■ Work to be completed ■
Beginning at the first line of the material, output each line exactly until you reach and include the line containing "doc.layers.add(name, color=color, linetype=linetype)". Leave every picture out.
==== Data for this exercise
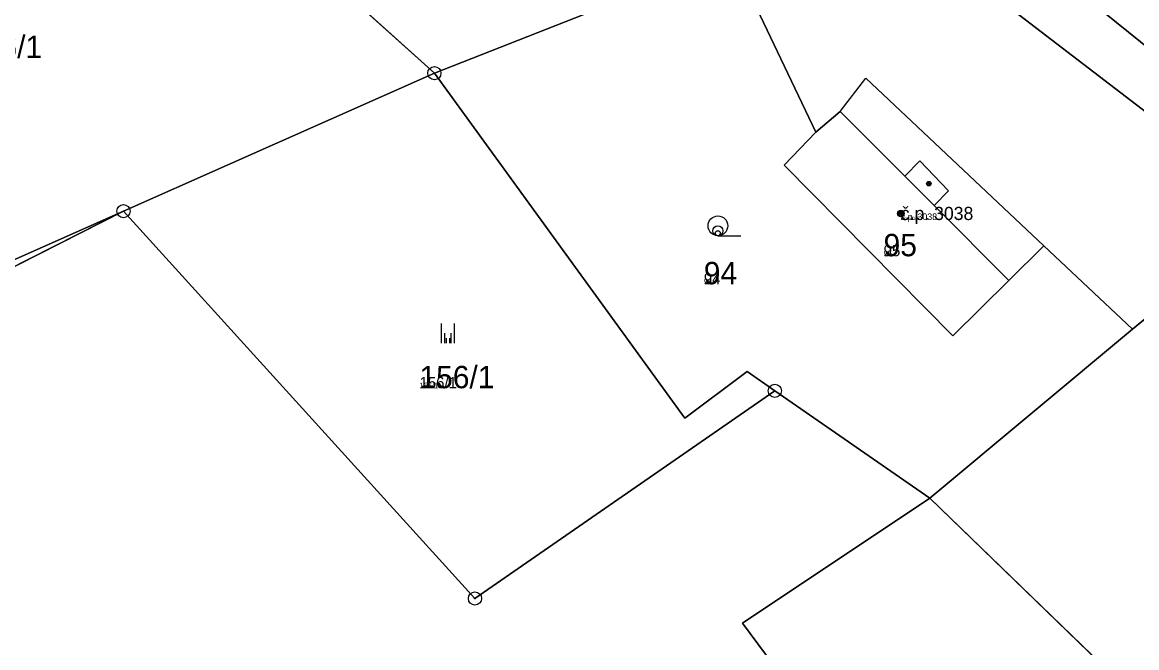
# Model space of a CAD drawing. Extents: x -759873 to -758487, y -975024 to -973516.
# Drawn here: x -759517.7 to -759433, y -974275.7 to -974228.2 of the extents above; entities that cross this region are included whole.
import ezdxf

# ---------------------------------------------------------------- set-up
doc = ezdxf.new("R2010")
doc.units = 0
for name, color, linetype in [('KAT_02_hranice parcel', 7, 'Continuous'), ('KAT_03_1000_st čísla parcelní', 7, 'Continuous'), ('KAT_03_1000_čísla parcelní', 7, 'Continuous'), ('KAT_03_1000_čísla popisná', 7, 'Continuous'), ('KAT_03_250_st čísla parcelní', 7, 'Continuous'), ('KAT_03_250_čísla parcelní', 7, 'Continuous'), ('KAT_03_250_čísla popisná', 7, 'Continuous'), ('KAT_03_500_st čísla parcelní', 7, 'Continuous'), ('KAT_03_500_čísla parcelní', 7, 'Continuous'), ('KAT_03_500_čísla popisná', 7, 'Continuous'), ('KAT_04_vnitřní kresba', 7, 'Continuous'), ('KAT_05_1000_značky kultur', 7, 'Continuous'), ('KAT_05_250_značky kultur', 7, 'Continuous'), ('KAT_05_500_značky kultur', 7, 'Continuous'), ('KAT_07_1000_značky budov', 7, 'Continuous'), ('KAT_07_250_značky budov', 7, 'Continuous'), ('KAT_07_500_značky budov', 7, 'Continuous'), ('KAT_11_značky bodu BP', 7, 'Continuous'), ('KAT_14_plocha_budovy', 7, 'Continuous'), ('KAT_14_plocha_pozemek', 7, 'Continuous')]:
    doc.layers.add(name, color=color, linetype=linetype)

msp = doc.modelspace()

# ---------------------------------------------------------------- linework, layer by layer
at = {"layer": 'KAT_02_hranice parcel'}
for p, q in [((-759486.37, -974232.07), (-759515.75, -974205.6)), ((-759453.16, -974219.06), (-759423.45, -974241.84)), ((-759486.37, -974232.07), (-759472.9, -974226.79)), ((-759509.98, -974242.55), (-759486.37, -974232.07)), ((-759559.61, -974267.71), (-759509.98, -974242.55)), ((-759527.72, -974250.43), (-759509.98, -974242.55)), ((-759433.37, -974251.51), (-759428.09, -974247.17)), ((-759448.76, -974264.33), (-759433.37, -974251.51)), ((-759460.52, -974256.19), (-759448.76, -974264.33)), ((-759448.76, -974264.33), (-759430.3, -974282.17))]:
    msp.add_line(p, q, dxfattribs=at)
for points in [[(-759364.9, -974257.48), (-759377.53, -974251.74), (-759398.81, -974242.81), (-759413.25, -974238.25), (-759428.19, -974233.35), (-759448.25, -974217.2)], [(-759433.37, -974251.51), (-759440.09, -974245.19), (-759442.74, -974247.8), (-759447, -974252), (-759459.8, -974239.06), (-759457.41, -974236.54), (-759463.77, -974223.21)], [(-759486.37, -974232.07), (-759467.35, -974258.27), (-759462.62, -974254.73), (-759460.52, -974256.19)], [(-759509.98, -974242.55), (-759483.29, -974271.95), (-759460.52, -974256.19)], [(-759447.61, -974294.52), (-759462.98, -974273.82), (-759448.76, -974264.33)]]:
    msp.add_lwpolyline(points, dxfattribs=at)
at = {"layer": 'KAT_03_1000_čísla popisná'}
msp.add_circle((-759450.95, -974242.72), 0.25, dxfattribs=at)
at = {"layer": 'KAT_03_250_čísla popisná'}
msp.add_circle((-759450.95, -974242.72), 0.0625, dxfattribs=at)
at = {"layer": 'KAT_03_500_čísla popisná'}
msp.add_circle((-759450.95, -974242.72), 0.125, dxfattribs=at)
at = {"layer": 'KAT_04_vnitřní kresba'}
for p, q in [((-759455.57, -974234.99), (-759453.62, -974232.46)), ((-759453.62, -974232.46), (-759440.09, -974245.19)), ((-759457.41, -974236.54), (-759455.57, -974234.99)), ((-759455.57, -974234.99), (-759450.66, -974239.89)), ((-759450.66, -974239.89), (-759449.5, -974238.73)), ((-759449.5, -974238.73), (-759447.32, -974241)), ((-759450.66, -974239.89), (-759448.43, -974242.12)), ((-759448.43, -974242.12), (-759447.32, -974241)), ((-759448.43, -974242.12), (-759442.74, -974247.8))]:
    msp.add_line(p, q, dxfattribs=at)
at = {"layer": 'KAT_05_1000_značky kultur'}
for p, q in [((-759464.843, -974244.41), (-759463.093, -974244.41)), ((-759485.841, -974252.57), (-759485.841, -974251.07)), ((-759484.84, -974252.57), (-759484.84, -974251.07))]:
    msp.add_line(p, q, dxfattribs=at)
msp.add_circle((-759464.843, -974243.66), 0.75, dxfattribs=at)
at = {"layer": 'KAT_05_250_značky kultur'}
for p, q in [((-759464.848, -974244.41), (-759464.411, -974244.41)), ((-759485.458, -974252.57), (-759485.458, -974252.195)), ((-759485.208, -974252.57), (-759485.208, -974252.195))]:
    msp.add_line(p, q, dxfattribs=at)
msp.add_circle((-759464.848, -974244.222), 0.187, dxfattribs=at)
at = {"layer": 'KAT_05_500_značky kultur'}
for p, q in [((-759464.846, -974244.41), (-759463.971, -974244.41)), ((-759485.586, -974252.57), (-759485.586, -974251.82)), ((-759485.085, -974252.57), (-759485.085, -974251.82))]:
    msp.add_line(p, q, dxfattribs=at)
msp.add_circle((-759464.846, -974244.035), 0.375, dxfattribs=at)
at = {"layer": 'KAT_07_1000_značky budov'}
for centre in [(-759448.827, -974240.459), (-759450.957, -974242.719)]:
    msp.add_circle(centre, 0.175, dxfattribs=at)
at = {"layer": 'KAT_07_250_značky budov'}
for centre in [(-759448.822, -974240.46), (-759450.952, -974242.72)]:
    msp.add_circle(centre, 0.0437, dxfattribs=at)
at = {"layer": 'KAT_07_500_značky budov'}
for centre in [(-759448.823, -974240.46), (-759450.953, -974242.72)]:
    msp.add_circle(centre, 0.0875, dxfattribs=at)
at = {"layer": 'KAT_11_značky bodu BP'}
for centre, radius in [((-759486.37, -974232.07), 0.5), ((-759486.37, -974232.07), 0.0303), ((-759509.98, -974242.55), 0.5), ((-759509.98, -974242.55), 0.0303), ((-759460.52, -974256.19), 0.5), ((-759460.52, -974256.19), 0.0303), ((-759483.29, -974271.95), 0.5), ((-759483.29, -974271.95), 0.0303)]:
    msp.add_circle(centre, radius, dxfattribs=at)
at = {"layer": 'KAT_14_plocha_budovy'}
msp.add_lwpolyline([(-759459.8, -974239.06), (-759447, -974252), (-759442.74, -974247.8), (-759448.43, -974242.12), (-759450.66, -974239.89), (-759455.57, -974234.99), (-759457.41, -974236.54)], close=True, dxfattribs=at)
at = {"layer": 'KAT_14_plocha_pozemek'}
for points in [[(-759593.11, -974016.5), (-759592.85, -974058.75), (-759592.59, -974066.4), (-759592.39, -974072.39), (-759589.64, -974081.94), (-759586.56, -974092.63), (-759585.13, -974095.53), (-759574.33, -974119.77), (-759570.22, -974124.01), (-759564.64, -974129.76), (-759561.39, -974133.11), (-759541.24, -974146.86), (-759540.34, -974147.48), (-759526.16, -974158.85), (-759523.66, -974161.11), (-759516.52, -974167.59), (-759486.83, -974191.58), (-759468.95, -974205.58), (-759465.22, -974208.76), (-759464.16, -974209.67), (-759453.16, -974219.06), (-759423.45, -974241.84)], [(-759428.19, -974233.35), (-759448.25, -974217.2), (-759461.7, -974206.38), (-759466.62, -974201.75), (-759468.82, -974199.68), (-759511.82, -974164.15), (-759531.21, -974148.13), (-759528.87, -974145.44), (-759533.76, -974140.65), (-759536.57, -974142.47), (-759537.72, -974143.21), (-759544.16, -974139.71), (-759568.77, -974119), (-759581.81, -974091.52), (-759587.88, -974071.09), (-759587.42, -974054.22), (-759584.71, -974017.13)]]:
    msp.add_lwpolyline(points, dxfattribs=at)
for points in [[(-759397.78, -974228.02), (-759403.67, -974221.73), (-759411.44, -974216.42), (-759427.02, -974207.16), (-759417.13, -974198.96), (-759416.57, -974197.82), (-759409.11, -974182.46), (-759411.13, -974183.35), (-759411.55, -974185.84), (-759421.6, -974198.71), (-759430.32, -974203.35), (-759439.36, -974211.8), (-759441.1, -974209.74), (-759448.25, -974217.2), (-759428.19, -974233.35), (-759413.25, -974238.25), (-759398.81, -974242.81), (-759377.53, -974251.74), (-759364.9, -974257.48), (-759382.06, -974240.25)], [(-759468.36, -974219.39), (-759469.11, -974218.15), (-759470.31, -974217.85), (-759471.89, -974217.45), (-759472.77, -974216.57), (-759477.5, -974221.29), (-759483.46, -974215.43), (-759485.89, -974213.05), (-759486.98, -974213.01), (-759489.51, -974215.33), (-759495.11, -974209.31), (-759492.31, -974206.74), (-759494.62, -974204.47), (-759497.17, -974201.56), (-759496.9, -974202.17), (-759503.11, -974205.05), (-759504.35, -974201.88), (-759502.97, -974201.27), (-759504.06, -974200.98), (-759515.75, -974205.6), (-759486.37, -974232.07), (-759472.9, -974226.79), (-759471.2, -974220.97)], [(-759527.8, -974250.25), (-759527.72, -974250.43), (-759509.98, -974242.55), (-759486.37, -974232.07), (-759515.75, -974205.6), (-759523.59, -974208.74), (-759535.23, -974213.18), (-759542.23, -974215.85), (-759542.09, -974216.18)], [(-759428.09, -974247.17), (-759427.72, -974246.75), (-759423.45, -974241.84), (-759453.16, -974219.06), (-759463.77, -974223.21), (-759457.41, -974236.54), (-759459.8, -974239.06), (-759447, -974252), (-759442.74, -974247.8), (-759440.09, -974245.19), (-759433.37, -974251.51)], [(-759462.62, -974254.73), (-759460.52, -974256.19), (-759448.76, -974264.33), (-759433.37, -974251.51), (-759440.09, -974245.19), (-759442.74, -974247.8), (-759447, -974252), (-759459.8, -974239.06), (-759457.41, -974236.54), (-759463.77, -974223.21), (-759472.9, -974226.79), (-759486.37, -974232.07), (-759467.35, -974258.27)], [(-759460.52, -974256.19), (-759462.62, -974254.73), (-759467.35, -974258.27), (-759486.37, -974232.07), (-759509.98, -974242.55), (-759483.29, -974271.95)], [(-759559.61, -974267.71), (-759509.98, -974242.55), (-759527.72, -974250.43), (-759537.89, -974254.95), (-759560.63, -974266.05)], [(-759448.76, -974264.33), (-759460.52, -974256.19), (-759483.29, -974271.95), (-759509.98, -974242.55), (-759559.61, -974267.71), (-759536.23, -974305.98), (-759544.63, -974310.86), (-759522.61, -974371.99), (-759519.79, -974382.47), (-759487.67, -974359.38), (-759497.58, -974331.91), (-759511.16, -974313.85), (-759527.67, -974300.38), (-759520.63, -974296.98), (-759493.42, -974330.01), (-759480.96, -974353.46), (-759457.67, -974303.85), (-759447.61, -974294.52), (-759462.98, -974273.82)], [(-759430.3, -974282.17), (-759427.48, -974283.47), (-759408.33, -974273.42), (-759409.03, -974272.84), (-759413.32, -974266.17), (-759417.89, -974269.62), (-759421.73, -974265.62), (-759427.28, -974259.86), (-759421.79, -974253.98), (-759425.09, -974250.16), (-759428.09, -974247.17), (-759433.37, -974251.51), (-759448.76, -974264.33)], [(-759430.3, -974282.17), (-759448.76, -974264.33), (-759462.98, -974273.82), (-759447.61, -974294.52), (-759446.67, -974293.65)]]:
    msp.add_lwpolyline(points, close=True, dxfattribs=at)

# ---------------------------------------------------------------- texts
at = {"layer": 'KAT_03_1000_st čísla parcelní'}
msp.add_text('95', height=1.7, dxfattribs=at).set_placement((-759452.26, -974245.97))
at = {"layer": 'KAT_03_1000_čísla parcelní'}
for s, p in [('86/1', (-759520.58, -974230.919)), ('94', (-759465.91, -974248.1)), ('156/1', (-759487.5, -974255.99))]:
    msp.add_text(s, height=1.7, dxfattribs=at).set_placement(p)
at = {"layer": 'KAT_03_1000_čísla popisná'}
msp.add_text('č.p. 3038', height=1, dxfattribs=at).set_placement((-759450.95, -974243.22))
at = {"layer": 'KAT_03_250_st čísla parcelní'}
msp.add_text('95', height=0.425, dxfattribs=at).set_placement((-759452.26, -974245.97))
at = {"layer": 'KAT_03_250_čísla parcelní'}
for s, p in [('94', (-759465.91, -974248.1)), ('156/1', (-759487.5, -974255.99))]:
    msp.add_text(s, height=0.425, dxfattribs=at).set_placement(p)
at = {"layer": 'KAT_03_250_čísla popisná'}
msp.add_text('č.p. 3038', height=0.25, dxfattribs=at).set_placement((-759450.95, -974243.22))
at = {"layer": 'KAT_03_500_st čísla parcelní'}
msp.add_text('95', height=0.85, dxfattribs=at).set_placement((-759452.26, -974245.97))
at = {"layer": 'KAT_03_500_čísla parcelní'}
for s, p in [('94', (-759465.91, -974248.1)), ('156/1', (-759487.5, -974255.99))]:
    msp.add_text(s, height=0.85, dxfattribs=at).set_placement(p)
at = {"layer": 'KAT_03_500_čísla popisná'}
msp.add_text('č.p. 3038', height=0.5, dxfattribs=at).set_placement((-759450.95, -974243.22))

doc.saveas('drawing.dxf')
========
■ Task output ■
# Model space of a CAD drawing. Extents: x -759873 to -758487, y -975024 to -973516.
# Drawn here: x -759517.7 to -759433, y -974275.7 to -974228.2 of the extents above; entities that cross this region are included whole.
import ezdxf

# ---------------------------------------------------------------- set-up
doc = ezdxf.new("R2010")
doc.units = 0
for name, color, linetype in [('KAT_02_hranice parcel', 7, 'Continuous'), ('KAT_03_1000_st čísla parcelní', 7, 'Continuous'), ('KAT_03_1000_čísla parcelní', 7, 'Continuous'), ('KAT_03_1000_čísla popisná', 7, 'Continuous'), ('KAT_03_250_st čísla parcelní', 7, 'Continuous'), ('KAT_03_250_čísla parcelní', 7, 'Continuous'), ('KAT_03_250_čísla popisná', 7, 'Continuous'), ('KAT_03_500_st čísla parcelní', 7, 'Continuous'), ('KAT_03_500_čísla parcelní', 7, 'Continuous'), ('KAT_03_500_čísla popisná', 7, 'Continuous'), ('KAT_04_vnitřní kresba', 7, 'Continuous'), ('KAT_05_1000_značky kultur', 7, 'Continuous'), ('KAT_05_250_značky kultur', 7, 'Continuous'), ('KAT_05_500_značky kultur', 7, 'Continuous'), ('KAT_07_1000_značky budov', 7, 'Continuous'), ('KAT_07_250_značky budov', 7, 'Continuous'), ('KAT_07_500_značky budov', 7, 'Continuous'), ('KAT_11_značky bodu BP', 7, 'Continuous'), ('KAT_14_plocha_budovy', 7, 'Continuous'), ('KAT_14_plocha_pozemek', 7, 'Continuous')]:
    doc.layers.add(name, color=color, linetype=linetype)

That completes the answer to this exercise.